News

25/05/2023

Focusing on marginal gains

Embracing reality

Author: Mike Edwards, Chief Sales and Marketing Officer


Credit to Ron Brooks’ group manager of strategy and innovation, Tom Slack, for his candid assessment of the challenges facing motor retailing.

Now is the time for retailers to demonstrate their classic agility, seeking marginal gains from new and established products and processes.

While the current challenges are not unique to the motor trade, I struggle to think of another industry that relies so heavily on a high value, (normally) depreciating asset that is hard to source and requires time/money to prepare for the market. Used cars have been the industry’s strength and driver of encouraging profit levels over recent years. However, as Tom observes, used car margins have been declining and the loss of around 2.1 million new vehicles between 2020 and 2022 points to a shift to older used stock.

Inevitably retailing older cars can mean higher preparation costs and a greater risk of post-sale problems. Such issues can then lead to Consumer Rights Act/Consumer Credit-related claims with the costs and reputational risk this can present.

Longer, high-quality warranties can be crucial in providing buyer reassurance, helping to mitigate post-purchase issues for the customer, protecting the dealer’s reputation, as well as profitability.
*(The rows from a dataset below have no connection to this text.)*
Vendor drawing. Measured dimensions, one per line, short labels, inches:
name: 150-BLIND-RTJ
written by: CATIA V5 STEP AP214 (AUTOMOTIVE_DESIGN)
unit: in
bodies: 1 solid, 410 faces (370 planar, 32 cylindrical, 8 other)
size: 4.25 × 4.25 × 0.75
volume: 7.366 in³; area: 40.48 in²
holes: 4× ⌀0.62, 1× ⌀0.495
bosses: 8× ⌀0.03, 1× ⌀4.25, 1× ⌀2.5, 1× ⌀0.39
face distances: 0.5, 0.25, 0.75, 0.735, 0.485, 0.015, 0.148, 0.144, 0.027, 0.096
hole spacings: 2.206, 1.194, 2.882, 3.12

There is also the opportunity for a more proactive approach to promoting extended warranties to enhance customer reassurance.
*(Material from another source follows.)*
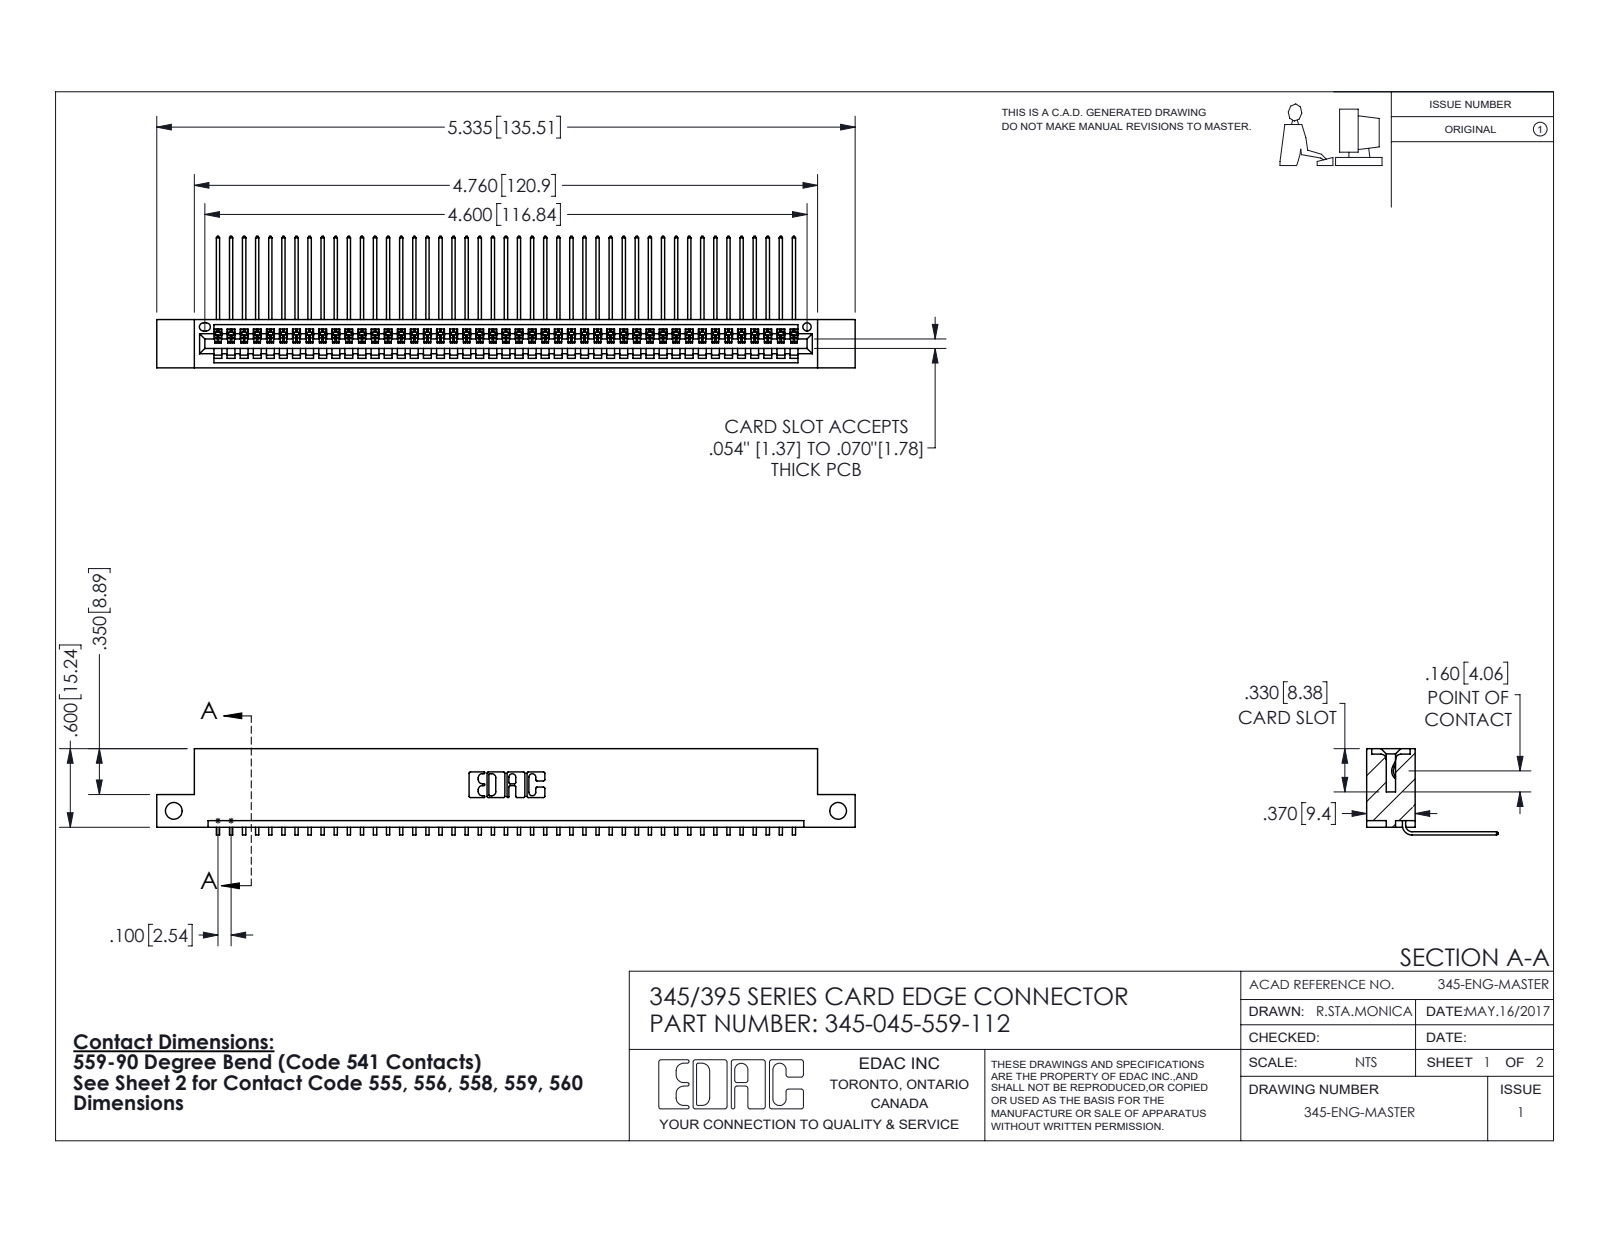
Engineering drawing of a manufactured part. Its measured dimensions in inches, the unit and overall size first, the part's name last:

All warranties are not the same, and as required by the Consumer Duty, warranties must be clearly explained to the customer to ensure they understand its scope, as well as their responsibilities regarding a correct maintenance regime. This transparency is not the problem; it is the opportunity.

With a focus on marginal gains, promoted positively and explained in detail, warranties can play a more significant role in almost all retailers.